Sunday, July 17, 2011

Off topic a bit
The Independent has an article by Alex Duval Smith, "the man who proved that everyone is good at maths"

It describes a French academician, Marc Chemillier, who has written a book , "Les Mathematiques Naturelles" that claims that maths is simple and rooted in human sensory intuition. He has travelled to Madagascar because "he believes that Madagascar's population, which remains relatively untouched by outside influences, can help him to prove this".

Smith quotes Chemillier as saying: "There is a strong link between counting and the number of fingers on our hands. Maths becomes complicated only when you abandon basic measures in nature, like the foot or the inch, or even the acre, which is the area that two bulls can plough in a day."

Ploughing a field with bulls is natural? Isn't that a little ethnocentric and chronocentric?

Smith goes on:

"To make his point, Mr Chemillier chose to charge up his laptop computer, leave Paris and do the rounds of fortune tellers on the Indian Ocean island [Madagascar] because its uninfluenced natural biodiversity also extends to its human population. Divinatory geomancy – reading random patterns, or sikidy to use the local word – is what Raoke does, when not smoking cigarettes rolled with paper from a school exercise book."

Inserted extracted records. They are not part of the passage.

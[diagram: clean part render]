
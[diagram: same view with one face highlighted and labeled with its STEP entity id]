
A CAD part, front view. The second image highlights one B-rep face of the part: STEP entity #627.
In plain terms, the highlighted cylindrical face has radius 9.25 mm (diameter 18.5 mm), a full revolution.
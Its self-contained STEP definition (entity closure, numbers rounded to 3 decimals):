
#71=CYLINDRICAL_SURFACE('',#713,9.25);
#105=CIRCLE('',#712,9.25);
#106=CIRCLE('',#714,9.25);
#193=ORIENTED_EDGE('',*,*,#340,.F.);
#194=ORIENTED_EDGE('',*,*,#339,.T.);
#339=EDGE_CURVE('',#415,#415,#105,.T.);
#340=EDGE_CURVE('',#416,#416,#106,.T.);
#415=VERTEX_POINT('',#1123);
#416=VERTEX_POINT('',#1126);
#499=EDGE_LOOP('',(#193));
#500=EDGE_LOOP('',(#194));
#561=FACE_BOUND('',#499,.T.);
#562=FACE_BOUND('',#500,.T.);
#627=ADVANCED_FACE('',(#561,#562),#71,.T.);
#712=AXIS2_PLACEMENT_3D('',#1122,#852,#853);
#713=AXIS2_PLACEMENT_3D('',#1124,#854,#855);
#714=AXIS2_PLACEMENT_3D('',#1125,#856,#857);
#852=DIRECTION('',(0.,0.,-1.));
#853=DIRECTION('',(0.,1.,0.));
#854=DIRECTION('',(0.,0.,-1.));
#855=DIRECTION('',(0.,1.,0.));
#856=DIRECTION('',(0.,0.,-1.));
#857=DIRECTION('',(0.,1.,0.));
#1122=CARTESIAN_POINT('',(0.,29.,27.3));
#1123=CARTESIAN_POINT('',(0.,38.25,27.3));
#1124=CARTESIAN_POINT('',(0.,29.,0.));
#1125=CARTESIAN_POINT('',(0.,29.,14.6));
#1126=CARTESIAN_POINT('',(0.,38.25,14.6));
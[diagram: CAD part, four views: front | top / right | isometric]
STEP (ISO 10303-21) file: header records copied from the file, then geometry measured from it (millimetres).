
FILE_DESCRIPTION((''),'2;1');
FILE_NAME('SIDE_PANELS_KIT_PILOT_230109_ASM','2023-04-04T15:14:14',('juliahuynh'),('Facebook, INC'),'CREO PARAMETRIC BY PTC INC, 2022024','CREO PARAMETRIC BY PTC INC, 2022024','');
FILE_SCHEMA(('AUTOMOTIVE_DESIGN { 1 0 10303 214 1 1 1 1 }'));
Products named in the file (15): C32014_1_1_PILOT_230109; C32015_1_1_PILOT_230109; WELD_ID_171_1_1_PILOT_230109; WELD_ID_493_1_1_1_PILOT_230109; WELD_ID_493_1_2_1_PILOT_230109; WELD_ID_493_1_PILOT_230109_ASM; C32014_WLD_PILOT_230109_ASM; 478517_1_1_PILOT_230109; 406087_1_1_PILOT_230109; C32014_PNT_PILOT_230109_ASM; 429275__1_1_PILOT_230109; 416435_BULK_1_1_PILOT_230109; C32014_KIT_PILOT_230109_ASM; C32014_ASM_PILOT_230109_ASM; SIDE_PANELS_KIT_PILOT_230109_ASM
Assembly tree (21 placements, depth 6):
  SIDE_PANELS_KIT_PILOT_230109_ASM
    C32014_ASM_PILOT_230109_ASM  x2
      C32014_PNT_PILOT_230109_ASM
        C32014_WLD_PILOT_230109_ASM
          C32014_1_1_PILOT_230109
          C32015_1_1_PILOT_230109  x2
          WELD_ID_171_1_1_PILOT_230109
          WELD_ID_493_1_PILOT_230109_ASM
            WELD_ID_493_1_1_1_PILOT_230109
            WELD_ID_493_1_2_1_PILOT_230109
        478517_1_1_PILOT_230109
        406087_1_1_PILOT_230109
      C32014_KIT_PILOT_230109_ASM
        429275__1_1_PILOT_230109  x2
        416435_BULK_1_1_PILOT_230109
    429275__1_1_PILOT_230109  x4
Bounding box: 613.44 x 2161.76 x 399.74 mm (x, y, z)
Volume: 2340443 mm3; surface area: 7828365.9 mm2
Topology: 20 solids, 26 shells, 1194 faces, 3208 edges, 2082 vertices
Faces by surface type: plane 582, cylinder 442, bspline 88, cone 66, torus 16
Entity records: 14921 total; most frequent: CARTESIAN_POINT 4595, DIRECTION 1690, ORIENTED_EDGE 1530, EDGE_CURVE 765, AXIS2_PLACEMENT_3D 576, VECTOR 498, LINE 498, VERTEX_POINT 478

The idea that the population of Madagascar is untouched, even relatively,  by outside influences is rather odd. The ancestors of the Malagasy travelled across the Indian Ocean from Borneo, a voyage more arduous than those of Columbus. Since then, the island has received immigrants and ideas from and traded with East Africa, Arabia, Persia, India and Europe. Sikidy itself is a local adoption of the medieval Muslim art of divination, adapted to local conditions.

It is difficult to see how Raoke's abilty to recall complex patterns created by removing seeds in ones or twos from piles proves that everybody is good at maths. He has probably been divining for half a century and it is a safe bet that he has put in the ten thousand hours that Malcolm Gladwell thinks is necessary to turn anyone into a genius.

I suspect, however, that we are going to hear  more about the diviners of Madagascar as universities and schools throughout the world are relentlessly dumbed down. No need to study the needless complexities of calculus: a pile of seeds and illiterate intuition is all you need.